- [Task brief] All the entries need to be quoted exactly, apart from the pictures, which you should drop.

- [Input data]
- - -

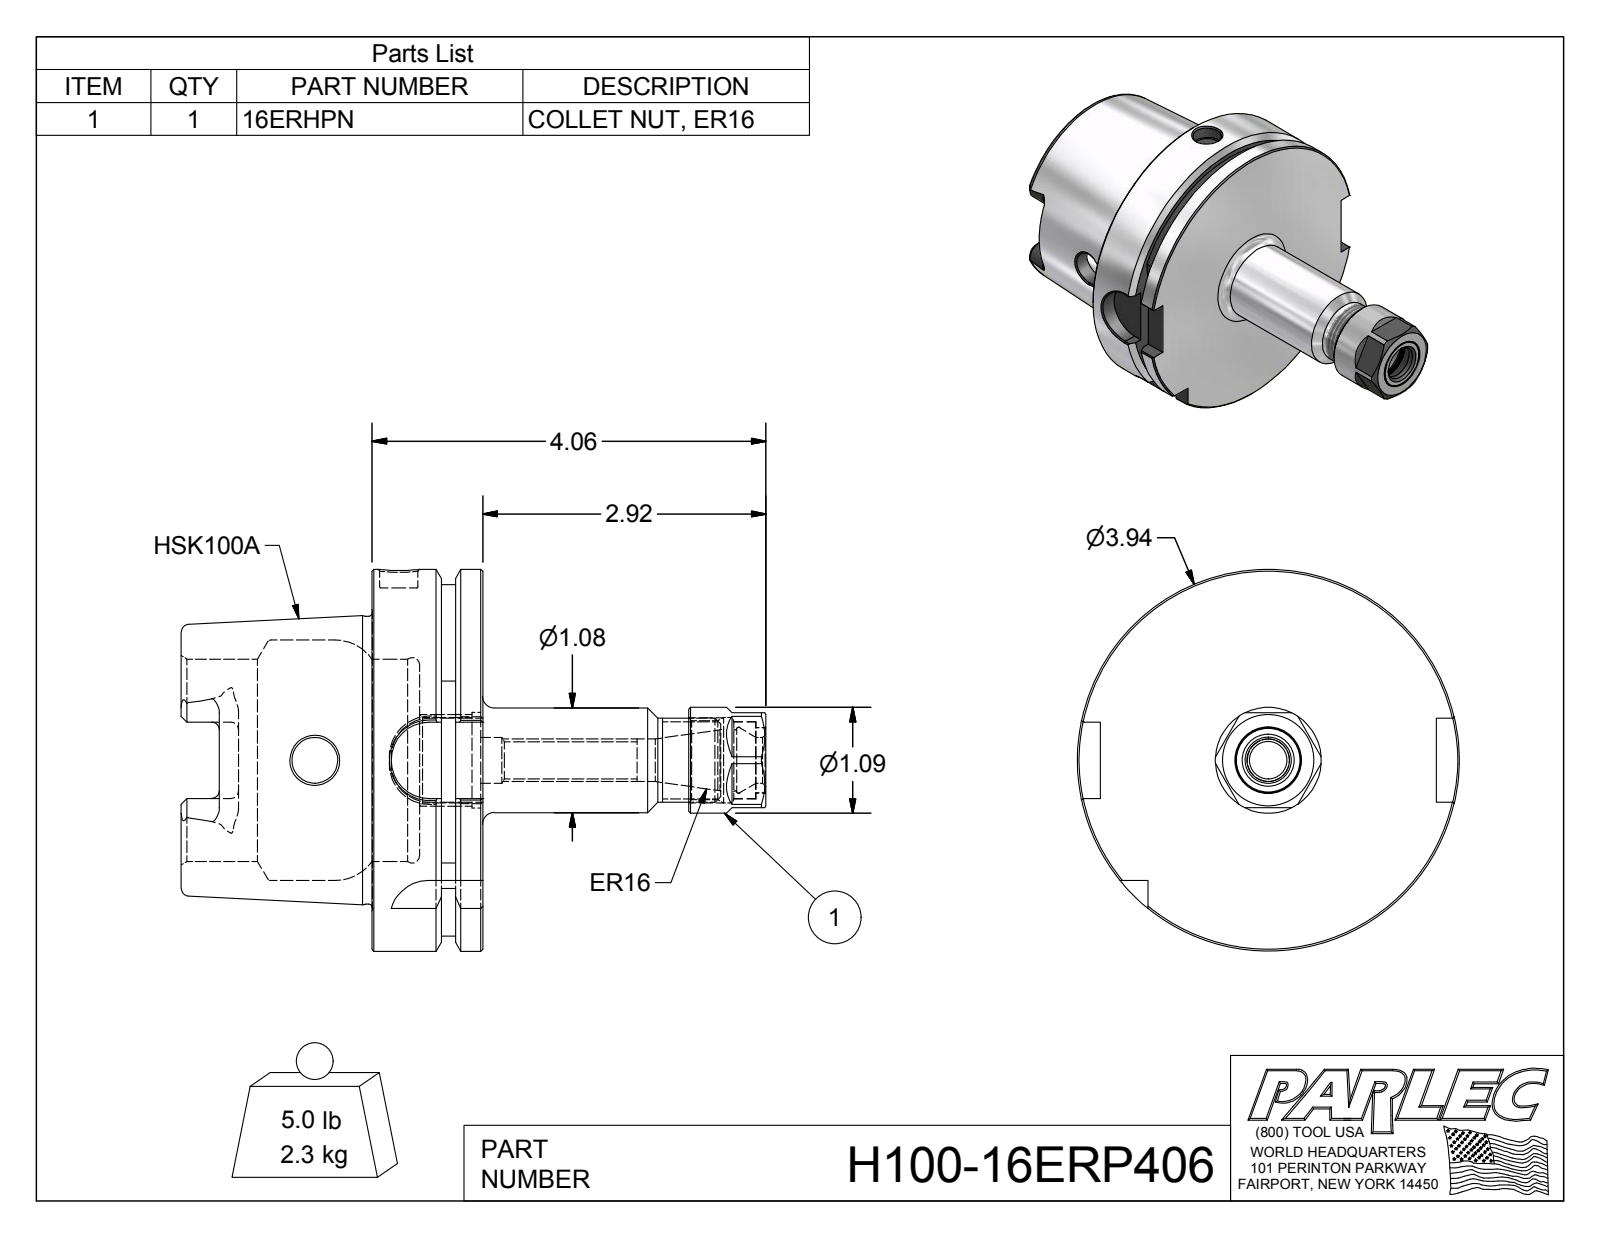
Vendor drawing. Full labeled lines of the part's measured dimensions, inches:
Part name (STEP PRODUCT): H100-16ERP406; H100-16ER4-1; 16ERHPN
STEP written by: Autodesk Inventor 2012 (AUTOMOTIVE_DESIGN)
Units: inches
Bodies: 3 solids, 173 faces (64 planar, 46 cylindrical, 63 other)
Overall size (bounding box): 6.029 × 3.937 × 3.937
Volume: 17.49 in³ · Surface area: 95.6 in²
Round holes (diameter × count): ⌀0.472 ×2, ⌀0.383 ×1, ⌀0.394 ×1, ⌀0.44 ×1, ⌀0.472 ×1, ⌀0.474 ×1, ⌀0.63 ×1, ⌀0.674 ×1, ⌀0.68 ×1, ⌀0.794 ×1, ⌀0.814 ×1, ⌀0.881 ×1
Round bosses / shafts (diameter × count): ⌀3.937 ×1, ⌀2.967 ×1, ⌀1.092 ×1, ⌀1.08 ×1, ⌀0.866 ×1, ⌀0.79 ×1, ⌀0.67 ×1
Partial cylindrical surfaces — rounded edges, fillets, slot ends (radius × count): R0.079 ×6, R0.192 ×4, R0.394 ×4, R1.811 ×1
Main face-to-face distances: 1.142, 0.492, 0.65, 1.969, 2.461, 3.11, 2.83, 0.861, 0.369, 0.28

- - -

- [Written answer]
Vendor drawing. Full labeled lines of the part's measured dimensions, inches:
Part name (STEP PRODUCT): H100-16ERP406; H100-16ER4-1; 16ERHPN
STEP written by: Autodesk Inventor 2012 (AUTOMOTIVE_DESIGN)
Units: inches
Bodies: 3 solids, 173 faces (64 planar, 46 cylindrical, 63 other)
Overall size (bounding box): 6.029 × 3.937 × 3.937
Volume: 17.49 in³ · Surface area: 95.6 in²
Round holes (diameter × count): ⌀0.472 ×2, ⌀0.383 ×1, ⌀0.394 ×1, ⌀0.44 ×1, ⌀0.472 ×1, ⌀0.474 ×1, ⌀0.63 ×1, ⌀0.674 ×1, ⌀0.68 ×1, ⌀0.794 ×1, ⌀0.814 ×1, ⌀0.881 ×1
Round bosses / shafts (diameter × count): ⌀3.937 ×1, ⌀2.967 ×1, ⌀1.092 ×1, ⌀1.08 ×1, ⌀0.866 ×1, ⌀0.79 ×1, ⌀0.67 ×1
Partial cylindrical surfaces — rounded edges, fillets, slot ends (radius × count): R0.079 ×6, R0.192 ×4, R0.394 ×4, R1.811 ×1
Main face-to-face distances: 1.142, 0.492, 0.65, 1.969, 2.461, 3.11, 2.83, 0.861, 0.369, 0.28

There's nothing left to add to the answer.